Monday, September 27, 2010

First Day of Preschool


So I know this post is a tad tardy. Owen actually began preschool three weeks ago. But I haven't dared write about it until now. I wasn't altogether sure preschool would happen this year. You see, the picture above tells a very different story than what happened on the first day of school. Let me fill you in.

The morning began normally. We had spent the previous days and weeks prepping Owen for his first day of preschool. He had visited his classroom, even met his teachers. He expressed excitement about all of it. To an outsider, it would seem Owen was well-prepared for this new experience. But as his parents, we knew Owen had a track record of not welcoming change. Transition, he does not. Yet with all the cheering and prepping, he seemed to be handling everything really well. We took a picture of our proud preschooler just before heading out the door to drop him off.

It was a big day, so we all piled in the car to give Owen the big send off. Gavin and I were still in our pj's so Mark walked Owen in to school, hand in hand. Things were looking good.

45 minutes later....

Gavin and I were still sitting in the car outside of preschool, waiting for Mark to return. Things were looking a little grim now.

When Mark finally returned to the car he confirmed my suspicions. Owen refused to stay at school. As you can imagine, there was a lot of talking, arguing, reassuring, threatening, pleading and the like going on. But Owen would not let Mark leave the classroom without him. He kept following him out, disregarding his teachers and fellow classmates. Now I'm not sure how it all went down. But Mark was late for work and just needed to leave. So the way Mark explained it to me was something like:

The teacher grabbed hold of Owen and held him down while I ran out of there. All the while Owen was screaming, "Let go of me PLEASE!"

Upon hearing this story, I felt awful. I felt a whole range of emotions.
I knew we shouldn't have done this.
What a terrible and traumatic first day.
He'll never want to go back.
Poor Owen.
Poor teachers.
What could we have done differently?
What's wrong with my kid?
I'm a terrible mother!

The rest of the day was pretty awful. And the next few days of school were also kind of awful. (AND, this was all happening during my "be a carrot, not an egg" phase). It was a mess. I was a mess.

And that brings us to today. Owen got up for school. We cheerfully loaded the car. He said, "I'll wave to you Mom!" We waved goodbye and I dropped him off like nothing had ever happened. I think I'll pretend like today was the REAL first day of school.

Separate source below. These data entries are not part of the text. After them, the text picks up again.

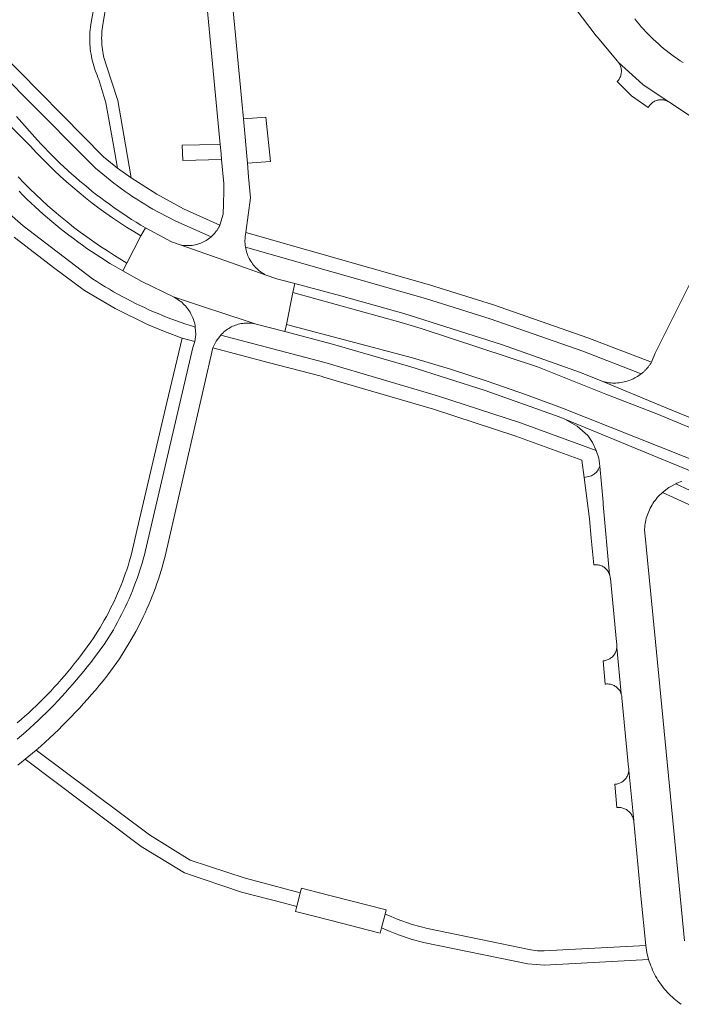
# Model space of a CAD drawing. Extents: x 146402 to 164798, y 455483 to 464134.
# Tile 427 of 575: x 158660 to 158745, y 459703 to 459830. Entities that reach past the tile are written whole.
import ezdxf

# ---------------------------------------------------------------- set-up
doc = ezdxf.new("R2010")
doc.units = 0
doc.header["$LTSCALE"] = 0.2
for name, color, linetype, lineweight in [('B-XX-VH-VERHARDING_ASFALT-GV', 252, 'CONTINUOUS', 18), ('B-XX-VH-VERHARDING_BETONSTRAATSTEEN-GV', 252, 'CONTINUOUS', 18), ('B-XX-VH-VERHARDING_TEGEL-GV', 252, 'CONTINUOUS', 18)]:
    doc.layers.add(name, color=color, linetype=linetype, lineweight=lineweight)

msp = doc.modelspace()

# ---------------------------------------------------------------- linework, layer by layer
at = {"layer": 'B-XX-VH-VERHARDING_ASFALT-GV'}
for points in [[(158682.661, 459844.853), (158685.573, 459814.125), (158685.688, 459812.915), (158685.758, 459812.175), (158686.05, 459809.1), (158686.03, 459808.113), (158685.997, 459806.48), (158685.97, 459805.14), (158685.54, 459803.73), (158685.504, 459803.656), (158685.468, 459803.582), (158685.429, 459803.509), (158685.39, 459803.437), (158685.349, 459803.365), (158685.307, 459803.295), (158685.264, 459803.224), (158685.22, 459803.155), (158685.174, 459803.087), (158685.127, 459803.019), (158685.079, 459802.952), (158685.054, 459802.918), (158685.03, 459802.886), (158684.98, 459802.821), (158684.928, 459802.756), (158684.876, 459802.693), (158684.822, 459802.631), (158684.767, 459802.569), (158684.712, 459802.508), (158684.655, 459802.449), (158684.597, 459802.39), (158684.538, 459802.333), (158684.478, 459802.276), (158684.417, 459802.221), (158684.372, 459802.182), (158684.225, 459802.06), (158684.072, 459801.945), (158683.914, 459801.835), (158683.752, 459801.733), (158683.586, 459801.637), (158683.416, 459801.549), (158683.242, 459801.467), (158683.066, 459801.393), (158682.886, 459801.326), (158682.704, 459801.267), (158682.519, 459801.215), (158682.332, 459801.172), (158682.144, 459801.136), (158681.954, 459801.108), (158681.764, 459801.087), (158681.572, 459801.075), (158681.381, 459801.071), (158681.189, 459801.075), (158680.998, 459801.087), (158680.807, 459801.107), (158680.617, 459801.134), (158680.429, 459801.17), (158686.156, 459799.158), (158691.381, 459797.322), (158691.225, 459797.409), (158691.055, 459797.512), (158690.89, 459797.622), (158690.729, 459797.739), (158690.573, 459797.862), (158690.422, 459797.991), (158690.276, 459798.126), (158690.136, 459798.267), (158690.001, 459798.413), (158689.873, 459798.565), (158689.751, 459798.721), (158689.635, 459798.883), (158689.526, 459799.049), (158689.423, 459799.219), (158689.328, 459799.394), (158689.24, 459799.571), (158689.158, 459799.753), (158689.085, 459799.937), (158689.018, 459800.125), (158688.96, 459800.315), (158688.909, 459800.506), (158688.865, 459800.701), (158688.83, 459800.896), (158688.817, 459800.98), (158688.806, 459801.065), (158688.796, 459801.15), (158688.787, 459801.234), (158688.78, 459801.319), (158688.775, 459801.405), (158688.771, 459801.49), (158688.769, 459801.575), (158688.767, 459801.66), (158688.768, 459801.746), (158688.77, 459801.831), (158688.773, 459801.916), (158688.778, 459802.001), (158688.785, 459802.086), (158688.793, 459802.171), (158688.802, 459802.256), (158688.813, 459802.341), (158688.826, 459802.425), (158688.84, 459802.509), (158688.855, 459802.593), (158688.872, 459802.677), (158688.89, 459802.76), (158689.46, 459807.23), (158689.23, 459809.93), (158689.073, 459811.717), (158688.572, 459817.435), (158688.38, 459819.63), (158686.42, 459839.94)], [(158659.53, 459809.926), (158660.275, 459809.155), (158661.033, 459808.398), (158661.804, 459807.653), (158662.588, 459806.921), (158663.384, 459806.203), (158664.192, 459805.499), (158665.012, 459804.809), (158665.844, 459804.132), (158666.687, 459803.47), (158667.541, 459802.823), (158668.407, 459802.19), (158669.282, 459801.573), (158670.169, 459800.97), (158671.065, 459800.382), (158671.972, 459799.81), (158673.554, 459798.819), (158675.361, 459802.316), (158674.434, 459802.873), (158673.517, 459803.446), (158672.61, 459804.036), (158671.714, 459804.641), (158670.829, 459805.262), (158669.955, 459805.899), (158669.092, 459806.551), (158668.241, 459807.219), (158667.402, 459807.901), (158666.575, 459808.598), (158665.761, 459809.31), (158664.96, 459810.036), (158664.171, 459810.776), (158663.396, 459811.53), (158662.634, 459812.298), (158661.886, 459813.079), (158661.152, 459813.873), (158651.709, 459823.223)], [(158651.709, 459823.223), (158661.152, 459813.873), (158661.886, 459813.079), (158662.634, 459812.298), (158663.396, 459811.53), (158664.171, 459810.776), (158664.96, 459810.036), (158665.761, 459809.31), (158666.575, 459808.598), (158667.402, 459807.901), (158668.241, 459807.219), (158669.092, 459806.551), (158669.955, 459805.899), (158670.829, 459805.262), (158671.714, 459804.641), (158672.61, 459804.036), (158673.517, 459803.446), (158674.434, 459802.873), (158675.361, 459802.316), (158675.97, 459803.35), (158675.938, 459803.369), (158675.344, 459803.724), (158674.755, 459804.085), (158674.169, 459804.454), (158673.588, 459804.829), (158673.011, 459805.211), (158672.439, 459805.6), (158671.871, 459805.995), (158671.308, 459806.396), (158670.749, 459806.804), (158670.195, 459807.219), (158669.646, 459807.64), (158669.102, 459808.067), (158668.563, 459808.501), (158668.029, 459808.941), (158667.5, 459809.387), (158666.977, 459809.839), (158666.458, 459810.297), (158665.945, 459810.761), (158665.437, 459811.231), (158664.935, 459811.707), (158664.438, 459812.188), (158663.947, 459812.675), (158663.462, 459813.168), (158662.982, 459813.667), (158662.508, 459814.171), (158662.04, 459814.68), (158659.334, 459817.708)], [(158659.657, 459808.074), (158660.163, 459807.57), (158660.676, 459807.072), (158661.194, 459806.579), (158661.717, 459806.092), (158662.246, 459805.611), (158662.78, 459805.135), (158663.32, 459804.666), (158663.865, 459804.203), (158664.414, 459803.746), (158664.969, 459803.295), (158665.529, 459802.851), (158666.094, 459802.412), (158666.664, 459801.981), (158667.238, 459801.555), (158667.818, 459801.136), (158668.402, 459800.723), (158668.99, 459800.317), (158669.583, 459799.918), (158670.181, 459799.525), (158670.783, 459799.139), (158671.34, 459798.79), (158671.54, 459798.67), (158673.039, 459797.822), (158673.554, 459798.819), (158671.972, 459799.81), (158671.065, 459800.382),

Monday, September 20, 2010

Be a Carrot, Not an Egg

I've been going through something lately. A rough patch. A hard time. It's a natural cycle I suppose; a period of stretching and growth. But man, it's taken a toll on me.

The last few weeks have been just plain hard. It's one of those times when the balls are flying and I can't seem to keep control of them. (And yes, I have control issues). Mark is super busy with work and outside-of-work work. He has responsibilities that occupy his weeknights and weekends. And it will be this way for awhile. So I'm willing myself to get used to it. Owen is going through what I'll call "the terrible fours". We experienced the terrible twos and threes, so why not keep it going? Only difference is, he is pushing and resisting on a whole new 4-yr-old level. I guess I should be prepared for this by now, but I'm not. He breaks me down. And Gavin. Sweet Gavin. He is my shadow. I cannot make a move around here without Gavin attached to me. And while it's nice to be loved, I find it quite suffocating lately. Plus, he's decided it's time to assert himself and make his wants known. So his newest tricks involve high-pitched screams, dropping to the floor in agony, and banging his head on the closest object in sight (a trick Owen used to do) when he doesn't get what he wants.

So it's a culmination of things really. The aforementioned factors mixed with the daily duties of trying to keep the house in order, fulfill other responsibilities, and have some time (ANY time) for myself has just been exhausting.

I was recently reminded of a phrase. "The same boiling water that softens the carrot also hardens the egg." In other words, I can choose to react positively or negatively to these circumstances. And while I think I've reacted rather negatively thus far (read: wicked witch of the west), I am making a renewed effort to see the positive. I plan to slow down and enjoy this stage as much as possible. I plan to have renewed patience. I plan to not give up. And for goodness sake, I plan to be a carrot.